Behind just about every environmental program in the United States is an environmental disaster that brought it into being, and leaking gas stations are no exception. In this case, the disaster became public in December 1983, when a 60 Minutes segment warned Americans that underground storage tanks were a “time bomb” in their neighborhoods. The show documented the daily struggles of families in a small Rhode Island town whose drinking water had long been contaminated by Mobil and Exxon stations uphill. With 2 or 3 of every 10 gas stations in the country leaking, the show’s host, Harry Reasoner, told viewers that it promised to be the pollution disaster of the 1980s.

The catastrophe was set in motion in the years after World War II, when many Americans bought cars and moved to the suburbs, spurring demand for gasoline. Oil companies helped build hundreds of thousands of gas stations around the country and installed steel storage tanks beneath them. But those steel tanks and piping, exposed to soil, corroded over time, and petroleum began seeping through cracks and holes, carrying carcinogens into the groundwater.

The petroleum industry knew the risks. In 1961, advertisements in the trade magazine National Petroleum News acknowledged that “rusty, leaky storage tanks” were a problem. The pipes that connected tanks to the pumps were prone to breaking, too. In 1962, a B.F. Goodrich ad touting flexible connectors warned that “the settling or shifting of underground storage tanks can cause pipelines to crack, leak, and break apart.”
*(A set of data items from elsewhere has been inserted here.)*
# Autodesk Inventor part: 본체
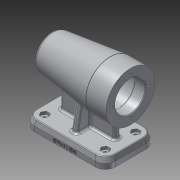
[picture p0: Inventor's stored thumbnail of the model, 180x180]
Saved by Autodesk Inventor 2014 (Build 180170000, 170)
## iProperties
Created: 2017-01
Part Number: 본체
Material: 알루미늄 6061
Document SubType Name: Modeling
Designer: owner
Density: 2.71 g/cm^3
Appearance: 알루미늄 - 평지
Mass: 795.321 g
Surface Area: 661.924 cm^2
Volume: 293.476 cm^3
Author: owner
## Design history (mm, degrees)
sketch "스케치1"
  geometry: L1 (-56, 0)-(56, 0); L2 (56, 21)-(56, 34); L3 (56, 34)-(28, 34); L4 (28, 34)-(-52.27, 24.144); L5 (56, 21)-(41, 21); L6 (41, 21)-(41, 24); L7 (41, 24)-(-13, 24); L8 (-13, 24)-(-13, 21); L9 (-13, 21)-(-25, 21); L10 (-25, 21)-(-25, 17.5); L11 (-25, 17.5)-(-43, 17.5); L12 (-43, 17.5)-(-43, 16); L13 (-43, 16)-(-47, 16); L14 (-47, 16)-(-47, 10.5); L15 (-47, 10.5)-(-50, 10.5); L16 (-50, 10.5)-(-50, 0); A1 r 80 centre (24, 0) between (-52.27, 24.144) and (-56, 0); 2 further points
  constraints: 32 end point, 9 parallel, 4 perpendicular, 2 horizontal alignment, 2 point on circle, 1 centre point, 1 coincident, 1 collinear, 1 horizontal, 1 midpoint, 1 point on line, 1 vertical alignment
  dimensions: "d0" = 112 distance of L1.start L1.end; "d2" = 68 diameter of L3 L1; "d3" = 42 diameter of L5 L1; "d4" = 48 diameter of L7 L1; "d5" = 42 diameter of L9 L1; "d6" = 35 diameter of L11 L1; "d7" = 32 diameter of L13 L1; "d8" = 21 diameter of L15 L1; "d9" = 28 distance of L2.end L3.end; "d10" = 80 radius of A1; "d11" = 15 distance of L2.start L5.end; "d12" = 54 distance of L6.end L7.end; "d13" = 12 distance of L8.end L9.end; "d14" = 18 distance of L10.end L11.end; "d15" = 4 distance of L12.end L13.end; "d16" = 3 distance of L14.end L15.end; "d17" = 7 deg angle of L4 L3
revolve "회전1" sketch "스케치1" stored, may be unused: angle "d18" = 90 deg
sketch "스케치2"
  geometry: C1 r 34 at (0, 0) reference; 1 further point
  constraints: 1 vertical alignment
  dimensions: "d19" = 26 distance of C1.centre point (0, 26)
hole "구멍1" sketch "스케치2" at (0, 26) diameter "d20" = 3.242; stored, may be unused: countersink angle "d24" = 90 deg, drill point angle "d26" = 118 deg; dims "d21" = 8, "d22" = 4, "d23" = 2, "d25" = 11
fillet "모깎기1" dims "d30" = 3, "d31" = 0.3
chamfer "모따기1" distance "d32" = 1; stored, may be unused: second distance "d33" = 2, angle "d34" = 45 deg
node "작업 평면3"
sketch "스케치5"
  geometry: L1 (56, -35)-(-56, -35); L2 (-56, -35)-(-56, 35); L3 (-56, 35)-(56, 35); L4 (56, 35)-(56, -35); L5 (56, -35)-(-56, 35); L6 (-56, -35)-(56, 35); 1 further point
  constraints: 12 end point, 2 midpoint, 2 parallel, 1 horizontal, 1 perpendicular
  dimensions: "d45" = 112 distance of L2.end L3.end; "d46" = 70 distance of L1.end L2.end
extrude "돌출3" join sketch "스케치5" distance "d47" = 7; taper "d48" = -15 deg
fillet "모깎기2" dims "d49" = 14, "d50" = 1
sketch "스케치6"
  geometry: L1 (42.477, 35)-(-42.477, 35) reference; L2 (-56, 21.477)-(-56, -21.477) reference; L3 (-42.477, -35)-(42.477, -35) reference; L4 (56, -21.477)-(56, 21.477) reference; L5 (56, 35)-(-56, 35); L6 (-56, 35)-(-56, -35); L7 (-56, -35)-(56, -35); L8 (56, -35)-(56, 35); L9 (56, 35)-(-56, -35); L10 (-56, 35)-(56, -35); 5 further points; 4 other entities
  constraints: 12 end point, 2 midpoint, 2 parallel, 1 horizontal, 1 perpendicular, 4 other
  dimensions: "d51" = 112 distance of L6.end L7.end; "d52" = 70 distance of L7.end L5.start
extrude "돌출4" join sketch "스케치6" distance "d53" = 7; taper "d54" = 0 deg
sketch "스케치10"
  geometry: L1 (-47.774, -21)-(-44.887, -16); L2 (-44.887, -16)-(-39.113, -16); L3 (-39.113, -16)-(-36.226, -21); L4 (-36.226, -21)-(-39.113, -26); L5 (-39.113, -26)-(-44.887, -26); L6 (-44.887, -26)-(-47.774, -21); L7 (-56, -21.477)-(-56, 21.477) reference; L8 (42.477, -35)-(-42.477, -35) reference; 6 further points; 1 other entity
  constraints: 12 end point, 1 coincident, 1 horizontal alignment, 14 other
  dimensions: "d115" = 5 distance from line of L5 point (-42, -21); "d123" = 14 distance from line of L7 point (-42, -21); "d124" = 14 distance from line of L8 point (-42, -21)
extrude "돌출5" cut sketch "스케치10" distance "d60" = 4; taper "d61" = 0 deg
fillet "모깎기3" dims "d71" = 3
sketch "스케치12"
  geometry: L1 (-28, -34)-(-56, -34) reference; L2 (50.331, -24.382)-(-28, -34) reference; L3 (-53.357, -60)-(-40.8, -60) reference; L4 (-40.8, -60)-(40.8, -60) reference; L5 (40.8, -60)-(53.357, -60) reference; 1 further point
node "작업 평면4"
sketch "스케치13"
  geometry: L1 (60, 19.8)-(60, -19.8) reference; L2 (60, -32.357)-(60, -19.8) reference; L3 (60, 19.8)-(60, 32.357) reference; L4 (67, -35)-(74, -35) reference; L5 (67, 35)-(74, 35) reference; L6 (60, -4)-(33.764, -4); L7 (33.764, 4)-(60, 4); A1 r 34 centre (0, 0) between (29.118, -17.555) and (29.118, 17.555) reference; 3 further points
  constraints: 4 end point, 4 point on circle, 4 point on line, 1 parallel, 1 perpendicular
  dimensions: "d89" = 4 vertical distance of L6.end point (0, 0); "d90" = 4 vertical distance of point (0, 0) L7.end
extrude "돌출6" join sketch "스케치13" distance "d79" = 10; taper "d80" = 0 deg
sketch "스케치14"
  geometry: L1 (-28, -60)-(-28, -29.118) reference; L2 (50.331, -24.382)-(-28, -34) reference; L3 (40.8, -60)-(53.357, -60) reference; L4 (-40.8, -60)-(40.8, -60) reference; L5 (38, -60)-(38, -25.896); L6 (56, -67)-(56, -74) reference; 2 further points
  constraints: 2 end point, 2 point on line, 1 perpendicular
  dimensions: "d81" = 18 distance from line of L6 L5.start
feature "리브1" sketch "스케치14" dims "d82" = 1, "d83" = 8, "d84" = 0, "d85" = 0, "d86" = 1, "d87" = 1
sketch "스케치15"
  geometry: L1 (19.8, -60)-(-19.8, -60) reference; L2 (19.8, -60)-(32.357, -60) reference; L3 (-32.357, -60)-(-19.8, -60) reference; L4 (4, -60)-(4, -33.764) reference; L5 (-4, -33.764)-(-4, -60) reference; L6 (4, -33.764)-(4, -25.585) reference; L7 (-4, -25.585)-(-4, -33.764) reference; L8 (4, -33.764)-(4, -25.585) reference; L9 (-4, -25.585)-(-4, -33.764) reference; L10 (23, -60)-(15.708, -18.648); L11 (-15.708, -18.648)-(-23, -60); L12 (35, -67)-(35, -74) reference; L13 (-35, -67)-(-35, -74) reference; L14 (4, -60)-(-4, -60) reference; L15 (4, -60)-(4, -33.764) reference; L16 (-4, -33.764)-(-4, -60) reference; L17 (4, -33.764)-(4, -25.585) reference; L18 (4, -60)-(4, -33.764) reference; L19 (4, -25.585)-(4, -60) reference; L20 (-4, -25.585)-(-4, -33.764) reference; L21 (-4, -60)-(-4, -25.585) reference; L22 (-4, -33.764)-(-4, -60) reference; C1 r 22 at (0, 0) reference; C2 r 1.621 at (0, -26) reference; C3 r 1.621 at (26, 0) reference; C4 r 1.621 at (0, 26) reference; C5 r 1.621 at (-26, 0) reference; C6 r 34 at (0, 0) reference; C7 r 24 at (0, 0) reference; C8 r 24 at (0, 0) reference; A1 r 24.382 centre (0, 0) between (15.708, -18.648) and (-15.708, -18.648) reference; A2 r 34 centre (0, 0) between (4, -33.764) and (-4, -33.764) reference; A3 r 25.896 centre (0, 0) between (-4, -25.585) and (4, -25.585) reference; A4 r 34 centre (0, 0) between (-4, -33.764) and (4, -33.764) reference; A5 r 34 centre (0, 0) between (4, -33.764) and (-4, -33.764) reference; 1 further point
  constraints: 4 end point, 2 point on circle, 2 point on line
  dimensions: "d91" = 100 deg angle of L10 L2; "d92" = 100 deg angle of L3 L11; "d93" = 12 distance from line of L12 L10.start; "d94" = 12 distance from line of L13 L11.end
  node "투영된 루프2"
  node "투영된 루프3"
  node "투영된 루프4"
  node "투영된 루프5"
  node "투영된 루프6"
  node "투영된 루프7"
feature "리브2" dims "d95" = 1, "d96" = 8, "d97" = 0, "d98" = 0, "d99" = 1, "d100" = 1
feature "리브3" dims "d101" = 1, "d102" = 8, "d103" = 0, "d104" = 0, "d105" = 1, "d106" = 1
fillet "모깎기4" dims "d107" = 3
sketch "스케치16"
  geometry: L1 (98.477, 7)-(98.477, 0) reference; L2 (84.954, 0)-(98.477, 0) reference; 2 further points
  constraints: 1 other
  dimensions: "d108" = 56 distance from line of L1 point (42.477, 4); "d109" = 4 distance from line of L2 point (42.477, 4)
feature "엠보싱1" sketch "스케치16" dims "d110" = 0.5, "d111" = 0
fillet "모깎기5" dims "d112" = 3
hole "구멍3" sketch "스케치10" diameter "d116" = 5; stored, may be unused: countersink angle "d120" = 90 deg, drill point angle "d122" = 0 deg; dims "d117" = 8, "d118" = 10, "d119" = 4, "d121" = 11
node "솔리드1"
pattern_circular "원형 패턴1" dims angle "d28" = 360 deg
mirror "대칭3"
mirror "대칭4"
other parameters: "d44" = -67, "d74" = -28

Within a few years, safer fiberglass tanks emerged as a substitute, though the steel industry later argued that the fiberglass couldn’t handle the alcohol-blended fuels that were being used. Manufacturers started offering leak detectors, promising that the technology could help stave off lawsuits and bad press. “With Red Jacket Leak Detectors, you’ll probably never have to reckon with contamination from piping leak losses … litigation and bad publicity … unhappy dealers … or even disaster,” read an advertisement in 1972.

By the early 1970s, oil companies were well aware that the tanks they owned beneath gas stations posed a huge liability. “Large sums of money, time, and effort are exhausted on a continuing basis in the location and detection of leaking tanks and lines,” a report from Exxon said in 1973.

The realization came at a time when public concern over pollution was taking off. In 1969, floating debris caught fire in Ohio’s Cuyahoga River, sending flames five stories high, and a drilling accident near Santa Barbara, California, spread an oil slick over more than 800 square miles of the Pacific Ocean. The modern environmental movement was born a year later, when some 20 million Americans demonstrated on the first Earth Day in April 1970. The protests led to the creation of the Environmental Protection Agency and a slew of regulations to protect the air and water.